### EXERCISE MATERIAL ###
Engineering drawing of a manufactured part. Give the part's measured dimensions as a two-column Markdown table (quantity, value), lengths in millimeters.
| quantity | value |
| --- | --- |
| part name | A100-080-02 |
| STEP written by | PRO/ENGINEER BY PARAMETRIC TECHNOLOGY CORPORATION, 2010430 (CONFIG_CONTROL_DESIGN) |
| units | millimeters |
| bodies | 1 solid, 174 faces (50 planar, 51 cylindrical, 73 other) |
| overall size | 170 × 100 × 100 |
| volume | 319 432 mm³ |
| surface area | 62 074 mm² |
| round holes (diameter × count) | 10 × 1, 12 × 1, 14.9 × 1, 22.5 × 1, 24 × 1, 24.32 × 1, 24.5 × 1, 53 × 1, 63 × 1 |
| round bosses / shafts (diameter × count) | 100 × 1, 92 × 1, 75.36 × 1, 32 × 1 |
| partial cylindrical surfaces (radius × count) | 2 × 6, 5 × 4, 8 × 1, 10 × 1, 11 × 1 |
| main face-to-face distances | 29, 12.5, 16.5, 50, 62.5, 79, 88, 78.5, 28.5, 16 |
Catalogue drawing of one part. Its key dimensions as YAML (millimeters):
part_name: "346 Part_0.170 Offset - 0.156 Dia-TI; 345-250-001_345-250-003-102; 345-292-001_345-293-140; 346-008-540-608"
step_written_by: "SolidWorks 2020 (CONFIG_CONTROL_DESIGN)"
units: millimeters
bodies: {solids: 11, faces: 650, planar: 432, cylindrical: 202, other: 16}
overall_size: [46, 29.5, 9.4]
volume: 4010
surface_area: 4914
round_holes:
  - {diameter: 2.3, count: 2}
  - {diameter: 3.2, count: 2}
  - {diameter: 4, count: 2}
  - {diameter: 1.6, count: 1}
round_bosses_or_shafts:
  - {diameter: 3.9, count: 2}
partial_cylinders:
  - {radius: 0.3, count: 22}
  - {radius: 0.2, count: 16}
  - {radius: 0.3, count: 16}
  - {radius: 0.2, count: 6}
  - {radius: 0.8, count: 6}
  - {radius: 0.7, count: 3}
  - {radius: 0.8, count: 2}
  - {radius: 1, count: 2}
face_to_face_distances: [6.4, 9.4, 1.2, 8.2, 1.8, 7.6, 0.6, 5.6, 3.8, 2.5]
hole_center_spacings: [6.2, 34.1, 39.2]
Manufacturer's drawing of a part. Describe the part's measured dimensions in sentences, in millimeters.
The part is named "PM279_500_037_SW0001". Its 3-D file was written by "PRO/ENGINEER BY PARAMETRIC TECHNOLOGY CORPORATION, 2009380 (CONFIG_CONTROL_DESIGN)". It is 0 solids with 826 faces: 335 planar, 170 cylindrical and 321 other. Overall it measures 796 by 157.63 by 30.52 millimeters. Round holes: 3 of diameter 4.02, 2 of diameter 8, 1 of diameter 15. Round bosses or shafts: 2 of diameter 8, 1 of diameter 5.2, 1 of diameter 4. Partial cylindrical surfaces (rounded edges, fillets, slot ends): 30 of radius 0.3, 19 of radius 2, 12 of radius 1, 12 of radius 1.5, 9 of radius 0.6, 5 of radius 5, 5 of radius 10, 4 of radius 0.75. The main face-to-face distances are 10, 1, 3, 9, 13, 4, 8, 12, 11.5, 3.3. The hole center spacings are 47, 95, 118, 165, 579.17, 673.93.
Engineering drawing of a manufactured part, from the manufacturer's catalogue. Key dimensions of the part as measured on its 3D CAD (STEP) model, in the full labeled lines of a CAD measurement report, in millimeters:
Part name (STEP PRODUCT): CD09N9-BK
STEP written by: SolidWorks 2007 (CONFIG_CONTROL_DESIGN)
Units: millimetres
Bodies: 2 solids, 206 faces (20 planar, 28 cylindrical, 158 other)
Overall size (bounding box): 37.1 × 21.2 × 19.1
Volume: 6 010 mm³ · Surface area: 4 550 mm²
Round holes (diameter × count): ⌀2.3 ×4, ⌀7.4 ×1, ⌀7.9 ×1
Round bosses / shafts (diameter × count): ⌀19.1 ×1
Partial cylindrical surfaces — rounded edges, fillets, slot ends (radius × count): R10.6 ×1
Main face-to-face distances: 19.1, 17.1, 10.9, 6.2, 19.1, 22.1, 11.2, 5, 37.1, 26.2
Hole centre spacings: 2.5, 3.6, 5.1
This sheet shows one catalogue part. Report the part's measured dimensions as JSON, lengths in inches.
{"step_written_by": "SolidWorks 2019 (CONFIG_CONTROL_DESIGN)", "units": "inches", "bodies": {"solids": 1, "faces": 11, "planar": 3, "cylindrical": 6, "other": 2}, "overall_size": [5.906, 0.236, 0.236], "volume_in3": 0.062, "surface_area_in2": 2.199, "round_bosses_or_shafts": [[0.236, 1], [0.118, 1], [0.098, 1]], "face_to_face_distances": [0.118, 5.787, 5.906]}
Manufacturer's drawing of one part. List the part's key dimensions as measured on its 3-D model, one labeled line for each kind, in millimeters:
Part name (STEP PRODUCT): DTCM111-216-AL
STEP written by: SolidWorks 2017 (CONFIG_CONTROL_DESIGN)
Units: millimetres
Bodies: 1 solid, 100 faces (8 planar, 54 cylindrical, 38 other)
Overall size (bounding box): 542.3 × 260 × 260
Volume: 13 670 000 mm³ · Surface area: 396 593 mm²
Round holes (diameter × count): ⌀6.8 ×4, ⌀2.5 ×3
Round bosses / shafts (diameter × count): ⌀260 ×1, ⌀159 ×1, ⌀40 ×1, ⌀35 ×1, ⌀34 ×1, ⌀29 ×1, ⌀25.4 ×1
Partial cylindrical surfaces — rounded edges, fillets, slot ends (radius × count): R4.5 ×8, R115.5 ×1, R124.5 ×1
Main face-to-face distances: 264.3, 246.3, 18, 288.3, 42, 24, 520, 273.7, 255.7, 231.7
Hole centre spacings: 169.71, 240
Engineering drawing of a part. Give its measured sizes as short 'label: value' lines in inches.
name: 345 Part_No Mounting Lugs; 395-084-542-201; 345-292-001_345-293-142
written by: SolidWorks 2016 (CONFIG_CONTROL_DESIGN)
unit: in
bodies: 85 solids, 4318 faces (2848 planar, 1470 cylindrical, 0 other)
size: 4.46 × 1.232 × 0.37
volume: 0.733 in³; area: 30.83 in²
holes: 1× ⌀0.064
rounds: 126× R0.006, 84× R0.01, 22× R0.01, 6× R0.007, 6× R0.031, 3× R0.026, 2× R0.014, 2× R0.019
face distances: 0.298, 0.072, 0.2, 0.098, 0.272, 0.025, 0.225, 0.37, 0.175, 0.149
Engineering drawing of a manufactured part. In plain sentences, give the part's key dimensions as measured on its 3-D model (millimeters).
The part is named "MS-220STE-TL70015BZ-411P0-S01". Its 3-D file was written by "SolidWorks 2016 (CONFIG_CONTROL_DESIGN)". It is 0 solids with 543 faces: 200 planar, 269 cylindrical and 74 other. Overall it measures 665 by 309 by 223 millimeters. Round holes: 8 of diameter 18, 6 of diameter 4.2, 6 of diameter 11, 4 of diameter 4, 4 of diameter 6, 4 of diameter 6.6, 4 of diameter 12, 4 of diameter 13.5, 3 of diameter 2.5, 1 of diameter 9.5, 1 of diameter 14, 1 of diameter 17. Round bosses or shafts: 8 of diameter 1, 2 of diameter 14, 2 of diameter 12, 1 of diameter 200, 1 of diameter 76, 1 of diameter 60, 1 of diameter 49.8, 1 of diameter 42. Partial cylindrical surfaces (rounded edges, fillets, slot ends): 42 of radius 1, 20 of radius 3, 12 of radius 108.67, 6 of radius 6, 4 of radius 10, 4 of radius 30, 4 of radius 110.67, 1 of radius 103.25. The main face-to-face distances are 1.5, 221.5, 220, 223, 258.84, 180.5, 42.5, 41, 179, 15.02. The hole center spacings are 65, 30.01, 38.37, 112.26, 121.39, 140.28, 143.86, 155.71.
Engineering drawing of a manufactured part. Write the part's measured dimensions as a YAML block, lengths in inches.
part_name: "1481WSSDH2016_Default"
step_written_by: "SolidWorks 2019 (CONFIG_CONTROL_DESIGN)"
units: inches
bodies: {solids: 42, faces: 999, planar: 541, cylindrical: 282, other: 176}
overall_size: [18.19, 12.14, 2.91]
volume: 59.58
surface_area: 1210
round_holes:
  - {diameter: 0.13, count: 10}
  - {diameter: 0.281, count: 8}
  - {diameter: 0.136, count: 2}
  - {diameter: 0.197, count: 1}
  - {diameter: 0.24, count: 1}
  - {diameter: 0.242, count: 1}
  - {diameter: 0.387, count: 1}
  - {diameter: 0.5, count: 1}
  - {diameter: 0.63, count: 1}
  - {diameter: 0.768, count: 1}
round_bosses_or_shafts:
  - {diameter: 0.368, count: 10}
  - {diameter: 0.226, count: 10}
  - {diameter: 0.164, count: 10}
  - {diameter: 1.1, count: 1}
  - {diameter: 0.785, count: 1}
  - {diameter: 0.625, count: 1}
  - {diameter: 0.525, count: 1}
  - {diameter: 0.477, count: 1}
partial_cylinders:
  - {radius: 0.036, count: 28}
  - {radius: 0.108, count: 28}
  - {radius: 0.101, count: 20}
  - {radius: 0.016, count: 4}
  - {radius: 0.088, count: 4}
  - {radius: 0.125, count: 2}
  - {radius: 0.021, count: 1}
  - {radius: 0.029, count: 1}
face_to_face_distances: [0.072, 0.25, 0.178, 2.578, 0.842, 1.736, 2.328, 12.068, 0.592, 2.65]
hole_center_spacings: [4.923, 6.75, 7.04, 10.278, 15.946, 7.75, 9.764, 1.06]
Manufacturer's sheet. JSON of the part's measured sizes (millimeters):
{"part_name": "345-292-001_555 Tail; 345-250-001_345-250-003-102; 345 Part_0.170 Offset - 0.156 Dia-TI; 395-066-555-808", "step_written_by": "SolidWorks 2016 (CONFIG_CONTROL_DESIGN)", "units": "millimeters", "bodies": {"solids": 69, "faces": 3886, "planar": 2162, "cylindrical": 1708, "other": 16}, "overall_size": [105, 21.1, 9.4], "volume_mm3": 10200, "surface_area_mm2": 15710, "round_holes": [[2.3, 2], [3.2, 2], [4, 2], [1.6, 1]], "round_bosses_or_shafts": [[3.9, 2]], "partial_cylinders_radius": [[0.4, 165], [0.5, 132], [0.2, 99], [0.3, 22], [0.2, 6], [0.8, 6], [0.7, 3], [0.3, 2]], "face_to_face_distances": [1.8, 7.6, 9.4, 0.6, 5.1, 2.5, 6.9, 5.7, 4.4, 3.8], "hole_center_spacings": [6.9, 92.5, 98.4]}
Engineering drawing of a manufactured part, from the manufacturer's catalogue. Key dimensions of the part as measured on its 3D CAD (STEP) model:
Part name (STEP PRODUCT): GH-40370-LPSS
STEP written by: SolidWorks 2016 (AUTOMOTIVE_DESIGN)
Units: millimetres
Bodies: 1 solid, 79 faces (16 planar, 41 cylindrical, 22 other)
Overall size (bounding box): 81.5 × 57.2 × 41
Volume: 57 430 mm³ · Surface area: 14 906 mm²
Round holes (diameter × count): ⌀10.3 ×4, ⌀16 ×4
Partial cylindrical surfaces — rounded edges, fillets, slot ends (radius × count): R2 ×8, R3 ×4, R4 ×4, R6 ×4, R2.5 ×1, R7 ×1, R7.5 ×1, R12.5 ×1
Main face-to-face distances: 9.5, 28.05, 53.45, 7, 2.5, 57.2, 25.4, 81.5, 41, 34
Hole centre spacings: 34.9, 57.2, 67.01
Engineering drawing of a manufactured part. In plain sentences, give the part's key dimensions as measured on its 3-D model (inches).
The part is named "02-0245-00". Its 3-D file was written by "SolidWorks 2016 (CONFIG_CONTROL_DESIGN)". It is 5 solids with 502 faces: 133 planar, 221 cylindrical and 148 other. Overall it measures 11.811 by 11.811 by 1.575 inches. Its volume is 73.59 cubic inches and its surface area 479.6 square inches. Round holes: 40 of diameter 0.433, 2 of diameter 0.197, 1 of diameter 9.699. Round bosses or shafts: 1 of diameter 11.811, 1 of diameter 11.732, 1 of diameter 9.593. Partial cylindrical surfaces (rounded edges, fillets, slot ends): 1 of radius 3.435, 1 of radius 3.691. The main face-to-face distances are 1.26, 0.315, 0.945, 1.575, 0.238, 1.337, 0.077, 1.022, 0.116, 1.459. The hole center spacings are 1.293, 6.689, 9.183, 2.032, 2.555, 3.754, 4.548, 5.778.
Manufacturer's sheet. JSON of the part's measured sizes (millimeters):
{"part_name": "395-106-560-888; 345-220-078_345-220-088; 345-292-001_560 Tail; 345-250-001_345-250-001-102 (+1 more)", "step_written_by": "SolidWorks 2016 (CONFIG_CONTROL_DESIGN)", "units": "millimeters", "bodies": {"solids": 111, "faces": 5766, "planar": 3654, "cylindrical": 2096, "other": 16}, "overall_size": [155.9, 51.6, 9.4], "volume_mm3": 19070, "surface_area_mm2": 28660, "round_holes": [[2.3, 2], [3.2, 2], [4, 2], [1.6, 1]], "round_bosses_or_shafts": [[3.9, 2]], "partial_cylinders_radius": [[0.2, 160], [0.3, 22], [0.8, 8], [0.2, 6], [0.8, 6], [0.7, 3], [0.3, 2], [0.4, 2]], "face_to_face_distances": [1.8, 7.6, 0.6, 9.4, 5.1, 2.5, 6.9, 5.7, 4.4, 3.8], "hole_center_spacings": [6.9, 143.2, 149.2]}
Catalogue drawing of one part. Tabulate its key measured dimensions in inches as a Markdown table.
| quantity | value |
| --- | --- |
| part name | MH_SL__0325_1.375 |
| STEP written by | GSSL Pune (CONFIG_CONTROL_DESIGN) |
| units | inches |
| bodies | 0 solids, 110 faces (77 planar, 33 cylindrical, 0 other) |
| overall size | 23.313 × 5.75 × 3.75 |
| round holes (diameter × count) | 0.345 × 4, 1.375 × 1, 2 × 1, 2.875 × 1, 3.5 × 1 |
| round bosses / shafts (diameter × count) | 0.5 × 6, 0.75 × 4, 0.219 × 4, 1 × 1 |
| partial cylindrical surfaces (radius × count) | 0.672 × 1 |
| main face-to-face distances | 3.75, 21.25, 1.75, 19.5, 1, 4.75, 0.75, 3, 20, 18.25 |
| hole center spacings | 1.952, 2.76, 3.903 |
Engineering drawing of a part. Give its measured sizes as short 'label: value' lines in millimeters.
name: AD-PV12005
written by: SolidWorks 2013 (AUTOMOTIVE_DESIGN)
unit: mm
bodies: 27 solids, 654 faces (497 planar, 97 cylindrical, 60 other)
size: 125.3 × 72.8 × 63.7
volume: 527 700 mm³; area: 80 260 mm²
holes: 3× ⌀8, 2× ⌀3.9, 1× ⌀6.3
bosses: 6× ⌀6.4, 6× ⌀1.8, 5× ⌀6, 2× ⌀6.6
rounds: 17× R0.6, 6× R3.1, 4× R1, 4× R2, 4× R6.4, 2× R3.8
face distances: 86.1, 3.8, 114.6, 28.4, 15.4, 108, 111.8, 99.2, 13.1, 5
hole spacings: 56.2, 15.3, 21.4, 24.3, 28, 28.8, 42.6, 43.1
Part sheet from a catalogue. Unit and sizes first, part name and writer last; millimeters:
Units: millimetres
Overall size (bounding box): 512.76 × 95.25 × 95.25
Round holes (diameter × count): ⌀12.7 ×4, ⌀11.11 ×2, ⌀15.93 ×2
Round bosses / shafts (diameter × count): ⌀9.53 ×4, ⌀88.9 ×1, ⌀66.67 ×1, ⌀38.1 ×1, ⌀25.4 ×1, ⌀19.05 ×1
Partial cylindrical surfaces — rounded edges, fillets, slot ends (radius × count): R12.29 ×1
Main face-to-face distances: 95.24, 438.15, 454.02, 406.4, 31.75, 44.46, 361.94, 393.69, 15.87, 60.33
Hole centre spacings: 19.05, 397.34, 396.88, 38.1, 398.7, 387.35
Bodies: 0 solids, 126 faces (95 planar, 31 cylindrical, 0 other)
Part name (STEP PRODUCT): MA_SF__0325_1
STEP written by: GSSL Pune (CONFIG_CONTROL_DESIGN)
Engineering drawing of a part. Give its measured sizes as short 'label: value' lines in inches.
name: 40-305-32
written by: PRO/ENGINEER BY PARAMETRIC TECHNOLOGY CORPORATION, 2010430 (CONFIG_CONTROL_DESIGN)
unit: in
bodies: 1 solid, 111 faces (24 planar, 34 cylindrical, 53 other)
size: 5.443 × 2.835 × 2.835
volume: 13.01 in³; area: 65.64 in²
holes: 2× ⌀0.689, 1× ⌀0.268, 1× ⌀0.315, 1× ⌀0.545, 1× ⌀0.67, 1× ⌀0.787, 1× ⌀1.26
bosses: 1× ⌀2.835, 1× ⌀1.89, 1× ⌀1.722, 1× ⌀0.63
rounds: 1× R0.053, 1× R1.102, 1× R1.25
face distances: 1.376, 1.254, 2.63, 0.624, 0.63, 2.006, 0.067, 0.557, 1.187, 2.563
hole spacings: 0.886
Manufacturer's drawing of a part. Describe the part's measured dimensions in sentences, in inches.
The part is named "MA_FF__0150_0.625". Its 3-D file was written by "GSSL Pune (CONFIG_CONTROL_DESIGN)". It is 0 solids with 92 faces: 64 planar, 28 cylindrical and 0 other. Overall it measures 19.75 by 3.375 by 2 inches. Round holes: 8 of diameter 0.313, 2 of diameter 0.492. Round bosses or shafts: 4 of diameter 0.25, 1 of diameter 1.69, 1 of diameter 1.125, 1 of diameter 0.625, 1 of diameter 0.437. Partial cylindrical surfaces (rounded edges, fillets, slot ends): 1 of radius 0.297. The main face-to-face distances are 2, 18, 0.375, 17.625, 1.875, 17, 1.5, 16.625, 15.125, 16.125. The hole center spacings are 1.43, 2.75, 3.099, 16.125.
###
WORK TASK >> Only the lines above that hold "Describe" are wanted. Show every one of them.

EXERCISE ANSWER >>
Manufacturer's drawing of a part. Describe the part's measured dimensions in sentences, in millimeters.
Manufacturer's drawing of a part. Describe the part's measured dimensions in sentences, in inches.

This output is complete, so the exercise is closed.